As a final matter, defendants Michael Krolikiewicz, Officer Schonaur and Officer Ruffin submit that Mr. Barnes' allegation that they had displayed deliberate indifference to his medical needs should be dismissed on its merits because they played no role in his medical care. This submission is premature because the district court did not reach the merits of Mr. Barnes' suit. Such a merits inquiry should be addressed by the trial court in the first instance.
For the foregoing reasons, we reverse the judgment of the district court and remand the case for proceedings consistent with this opinion.
REVERSED and REMANDED.
The director of Stateville issued a final decision on December 5, 2003, denying Mr. Barnes' grievanceSee infra note 2.

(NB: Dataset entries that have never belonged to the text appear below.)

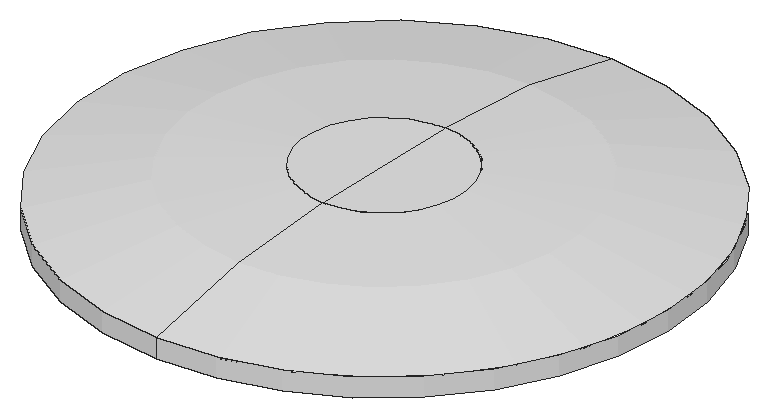
Revit family "Reece_Bath_LAUFEN_pro A_Freestanding Bath_1650 mm", category Plumbing Fixtures, Revit 2018
Family settings
  Round Connector Dimension = Use Diameter
  Part Type = Normal
  Work Plane-Based = Yes
  Always vertical = Yes
  Cut with Voids When Loaded = Yes
  Shared = Yes
  Room Calculation Point = Yes
Parameters
  URL = "https://www.reece.com.au/product/-9510102"
  Type Comments = "Bath"
  Reece_Product_Web Page = "https://www.reece.com.au/product/-9510102"
  Reece_Product_Type = "Bath"  # constant formula
  Reece_Product_Sub Brand = "Pro A"  # constant formula
  Reece_Product_Number = "9510102"
  Reece_Product_Mount = "Floor Mounted"
  Reece_Product_Description = "LAUFEN Pro Freestanding Bath with Overflow 1650x750 White"
  Reece_Product_Brand = "LAUFEN"  # constant formula
  Reece_Overall_Width = 750 mm  # constant formula
  Reece_Overall_Length = 1650 mm  # constant formula
  Reece_Overall_Height = 550 mm  # constant formula
  Reece_Overall_Capacity = 253 mm³  # constant formula
  Reece_Material_Main = Reece_Marbond_Solid_Surface_White
  Reece_Detail_Shape = ""
  Reece_Detail_Installation = ""
  Reece_Detail_Disclaimer = "THIS FILE IS THE PROPERTY OF THE REECE GROUP. IT MAY NOT BE REPRODUCED, REVERSE-ENGINEERED OR MODIFIED. ANY REPUBLICATION, TRANSMISSION OR DISTRIBUTION FOR THE PURPOSE OF COMMERCIALLY EXPLOITING THE FILES IS PROHIBITED."  # constant formula
  Reece_Detail_Connector = ""
  Reece_Detail_Additional = ""
  Reece_Bath_Outlet = 52 mm  # constant formula
  Model = "Pro A"
  Manufacturer = "LAUFEN"
  Keynote = "Product #9510102, Reece_Bath_LAUFEN_pro A_Freestanding Bath_1650 mm -  "
  Disclaimer = "THIS FILE IS THE PROPERTY OF THE REECE GROUP. IT MAY NOT BE REPRODUCED, REVERSE-ENGINEERED OR MODIFIED. ANY REPUBLICATION, TRANSMISSION OR DISTRIBUTION FOR THE PURPOSE OF COMMERCIALLY EXPLOITING THE FILES IS PROHIBITED."  # constant formula
  Description = "LAUFEN Pro Freestanding Bath with Overflow 1650x750 White"
  Default Elevation = 0 mm
Types (2, lengths in mm): name | Keynote
  (no name) | "Product #9510102, Reece_Bath_LAUFEN_pro A_Freestanding Bath_1650 mm -  "
  1650 mm_253 L_Marbond_White | "Product #9510102, Reece_Bath_LAUFEN_pro A_Freestanding Bath_1650 mm - 1650 mm_253 L_Marbond_White"
Reference planes
  plane 1 "Center (Front/Back)": y = 0
  plane 2 "Bottom Host Plane": z = 0
  plane 3 "Center (Left/Right)": x = 0
  plane 4 "left": x = -825
  plane 5 "back": y = 375
  plane 6 "front": y = -375
  plane 7 "right": x = 825
  plane 8: z = 550
  plane 9 "left base": x = -650
  plane 10 "right base": x = 650
  plane 11 "back base": y = 300
  plane 12 "front base": y = -300
  plane 13 "base": z = 100
  plane 14 "crease": z = 175
Forms (mm)
  Revolve 1, solid, material "Reece_Marbond_Solid_Surface_White" <- "Reece_Material_Main"
    sketch origin (0, 0, -39.934) x (0, 1, 0) y (0, 0, 1)
      loop
        line (0, 135) -> (21.611, 135) -> (26.378, 141.809) -> (35, 141.809) -> (35, 144.097)
        arc (35, 144.097) -> (22.322, 146.859) -> (9.38, 147.787) r 90.795
        line (9.38, 147.787) -> (0, 147.787) -> (0, 135)
      axis (0, 147.787) -> (0, 135)
    angle from 0 to 360
Lines and regions (mm)
  symbolic lines, style "PlumbingFixtures"
    curve 1: arc (-350, 300, 100) -> (-650, 0, 100) -> (-350, -300, 100) r 300
    curve 2: line (350, 300, 100) -> (-350, 300, 100)
    curve 3: arc (350, -300, 100) -> (650, 0, 100) -> (350, 300, 100) r 300
    curve 4: line (-350, -300, 100) -> (350, -300, 100)
  model lines, style "Reece_Model_Line"
    curve 5: arc (-413.615, 323.864, 175) -> (-737.479, 0, 175) -> (-413.615, -323.864, 175) r 323.864
    curve 6: line (-413.615, -323.864, 175) -> (413.657, -323.864, 175)
    curve 7: line (413.657, 323.864, 175) -> (-413.615, 323.864, 175)
    curve 8: arc (413.657, -323.864, 175) -> (737.521, 0, 175) -> (413.657, 323.864, 175) r 323.864
Text (mm)
  text "Reece ©" at (3118.559, -1947.492, 2950.761), in view "Reece Preview"
  text "Reece Copyright © 2018, Reece Ltd." at (-1199.464, -510.852, 0), in view "Ref. Level"
Dimensions and locks
  "Reece_Overall_Length": plane 4 "left" to plane 7 "right"
  "Reece_Overall_Width": plane 5 "back" to plane 6 "front"
  equal spacing: plane 6 "front", plane 1 "Center (Front/Back)", plane 5 "back"
  equal spacing: plane 4 "left", plane 3 "Center (Left/Right)", plane 7 "right"
  "Reece_Overall_Height": plane 8 to plane 2 "Bottom Host Plane"
  plane 9 "left base" to plane 10 "right base" = 1300 mm
  plane 4 "left" to plane 3 "Center (Left/Right)" = 825 mm
  plane 11 "back base" to plane 12 "front base" = 600 mm
  plane 5 "back" to plane 1 "Center (Front/Back)" = 375 mm
  plane 8 to plane 13 "base" = 450 mm
  plane 5 "back" to plane 6 "front" = 750 mm
  plane 7 "right" to plane 4 "left" = 1650 mm
Automatic sketch dimensions
  plane 9 "left base" to curve 2 = 300 mm
  curve 2 to plane 10 "right base" = 300 mm
  plane 1 "Center (Front/Back)" to curve 3 = 0 mm
  curve 1 to plane 11 "back base" = 0 mm
  plane 1 "Center (Front/Back)" to curve 8 = 0 mm
  plane 11 "back base" to curve 7 = 23.864 mm
  curve 7 to plane 10 "right base" = 236.343 mm
  plane 9 "left base" to curve 7 = 236.385 mm
  Revolve 1 sketch curve to plane 1 "Center (Front/Back)" = 0 mm  (x2)
  Revolve 1 sketch curve to plane 1 "Center (Front/Back)" = 9.38 mm
  Revolve 1 sketch curve to Revolve 1 sketch curve = 12.231 mm
  Revolve 1 sketch curve to Revolve 1 sketch curve = 4.768 mm
  Revolve 1 sketch curve to Revolve 1 sketch curve = 8.622 mm
  Revolve 1 sketch curve to plane 13 "base" = 82.942 mm
  Revolve 1 sketch curve to plane 13 "base" = 4.934 mm
  Revolve 1 sketch curve to Revolve 1 sketch curve = 6.809 mm
  Revolve 1 sketch curve to Revolve 1 sketch curve = 2.288 mm
  plane 14 "crease" to Revolve 1 sketch curve = 15.066 mm
  Revolve 1 sketch curve to Revolve 1 sketch curve = 30 mm

The defendants submit that Mr. Barnes failed to exhaust the prison grievance system related to his present § 1983 claims before amending his complaint because he had not yet received a final denial of his grievanceSee Ford v. Johnson, 362 F.3d 395, 398-99 (7th Cir.2004) (holding that prisoner could not bring suit under § 1983 until after the prison administrative review board had issued its decision). Specifically, after Mr. Barnes filed his amended complaint, the director of Stateville issued a final decision on December 5, 2003, denying his grievance. The defendants concede, however, that they did not inform the district court of this final decision or specifically argue a lack of final disposition of Mr. Barnes' grievance. Because the defendants raise this argument for the first time on appeal, we deem it to be waived. See Perry v. Sullivan, 207 F.3d 379, 383 (7th Cir.2000).